Aim of the exercise -
Could you transcribe every record below exactly as written, leaving out any pictures?

Data to process -
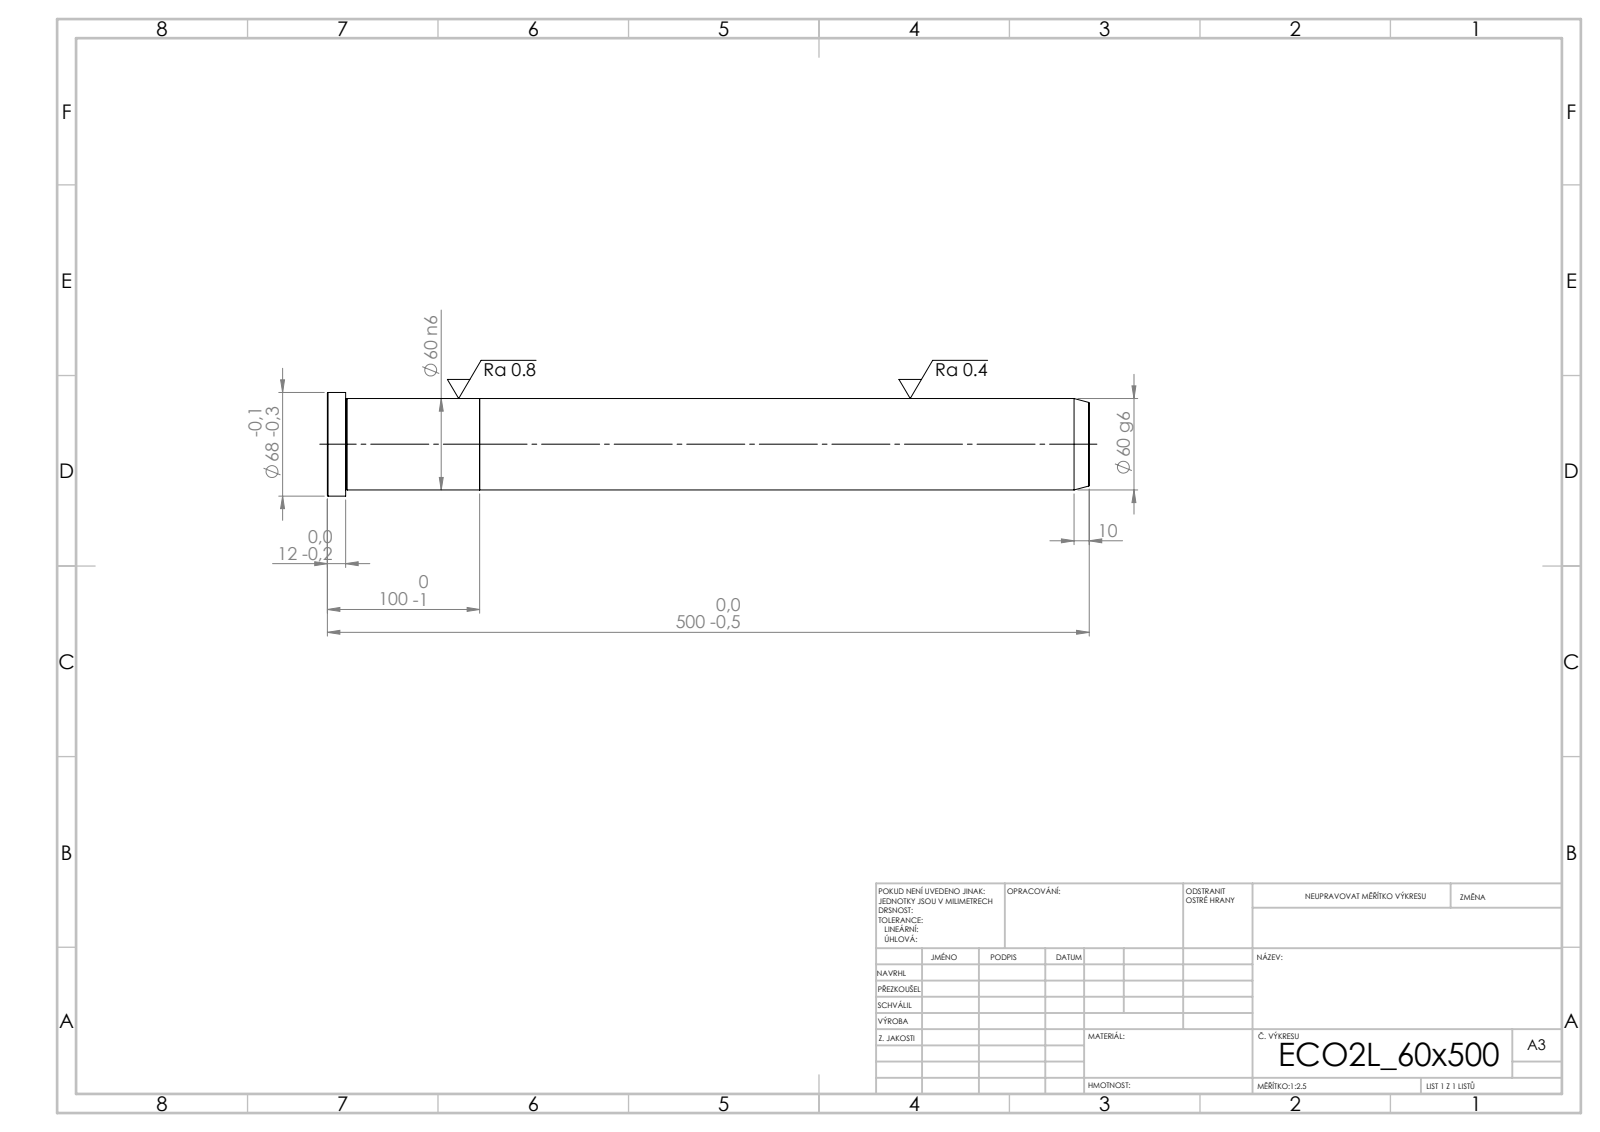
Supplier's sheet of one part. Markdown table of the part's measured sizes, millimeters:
| quantity | value |
| --- | --- |
| STEP written by | SolidWorks 2019 (CONFIG_CONTROL_DESIGN) |
| units | millimeters |
| bodies | 2 solids, 21 faces (5 planar, 6 cylindrical, 10 other) |
| overall size | 500 × 68 × 68 |
| volume | 1 421 000 mm³ |
| surface area | 106 987 mm² |
| round bosses / shafts (diameter × count) | 68 × 1, 60 × 1 |
| main face-to-face distances | 100, 400, 500, 488, 88, 12 |

Task output -
Supplier's sheet of one part. Markdown table of the part's measured sizes, millimeters:
| quantity | value |
| --- | --- |
| STEP written by | SolidWorks 2019 (CONFIG_CONTROL_DESIGN) |
| units | millimeters |
| bodies | 2 solids, 21 faces (5 planar, 6 cylindrical, 10 other) |
| overall size | 500 × 68 × 68 |
| volume | 1 421 000 mm³ |
| surface area | 106 987 mm² |
| round bosses / shafts (diameter × count) | 68 × 1, 60 × 1 |
| main face-to-face distances | 100, 400, 500, 488, 88, 12 |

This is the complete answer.